Found this jc higgins flightliner today at a good price.Not for sure what it is.serial number is 502  46170 633715 .Any help of the year  would be very greatful.   kevin


----------



## jd56 (Mar 2, 2012)

*Nice 60's ladies Fightliner*

Mid 60's I'm guessing. 502 is for the Sears Chain, and the exact year you'll need Adams or Phils help on. 
Nice find brother. Does the tanklight work? 
And I did get your PM...Not bad at all. Shame I would have stopped there tomorrow and snatched that up. I'm still looking for mens Flightliner at the deal price you got.


----------



## robertc (Mar 2, 2012)

Kevin,

Sweet deal and a awesome bike.

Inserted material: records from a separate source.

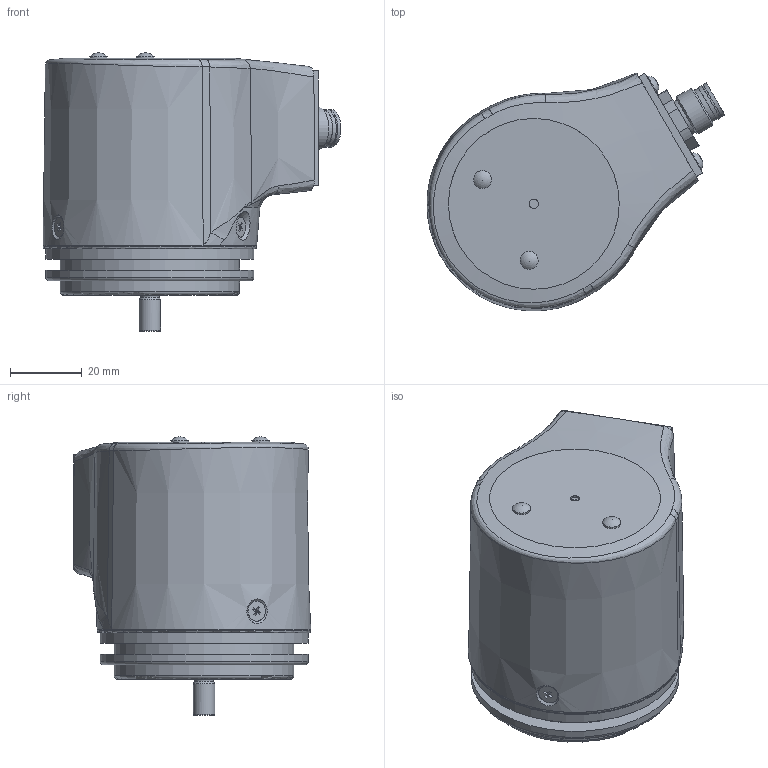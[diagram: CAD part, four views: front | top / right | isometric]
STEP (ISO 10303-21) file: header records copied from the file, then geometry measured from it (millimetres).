
FILE_DESCRIPTION(/* description */ ('Unknown'),/* implementation_level */ '2;1');
FILE_NAME(/* name */ 'EAL_EAML_58_B_M12R',/* time_stamp */ '2018-04-19T15:56:40+02:00',/* author */ ('Unknown'),/* organization */ ('Unknown'),/* preprocessor_version */ 'ST-DEVELOPER v16.7',/* originating_system */ 'DEX',/* authorisation */ $);
FILE_SCHEMA (('AUTOMOTIVE_DESIGN {1 0 10303 214 3 1 1}'));
Length unit declared in the file: millimetre
Products named in the file (1): tmpEAL_EAML_58_B_M12R
Bounding box: 83.01 x 66.24 x 77.54 mm (x, y, z)
Volume: 90340.5 mm3; surface area: 47949.8 mm2
Topology: 3 solids, 19 shells, 532 faces, 1268 edges, 837 vertices
Faces by surface type: plane 267, cylinder 137, cone 74, torus 37, bspline 17
Full cylindrical faces by diameter (mm): 0.9 x16, 1.5 x8, 2.013 x7, 2.459 x7, 2.5 x1, 3 x7, 3.3 x6, 3.4 x3, 4.98 x1, 5 x3, 5.6 x3, 6 x6, 7.98 x1, 8 x7, 8.25 x1, 8.772 x1, 10 x5, 10.4 x4, 12 x1, 12.4 x1, 13 x1, 14.53 x1, 15.2 x1, 22 x3, 22.1 x2, 22.5 x1, 27 x1, 29 x2, 50 x2, 51.2 x1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
Entity records: 18388 total; most frequent: CARTESIAN_POINT 4227, DIRECTION 2168, ORIENTED_EDGE 1840, EDGE_CURVE 920, AXIS2_PLACEMENT_3D 915, FACE_BOUND 854, EDGE_LOOP 831, VERTEX_POINT 726

Congratulations.

Robert


----------



## cadillacbike (Mar 3, 2012)

*jc higgins*

Robertc ; The bike cleaned up well.Would you beleave i paid $50 for the bike at the goodwill.I have a pennys flightliner. it looks good sitting beside this.Am still hoping for a date of the bike.    kevin


----------



## Adamtinkerer (Mar 5, 2012)

4617= 1961 'liner, first year for the chrome frame. nice score!!!


----------



## cadillacbike (Mar 6, 2012)

*jc higgins*

Adamtinkerer' Thank you for your time and helping me.  kevin


----------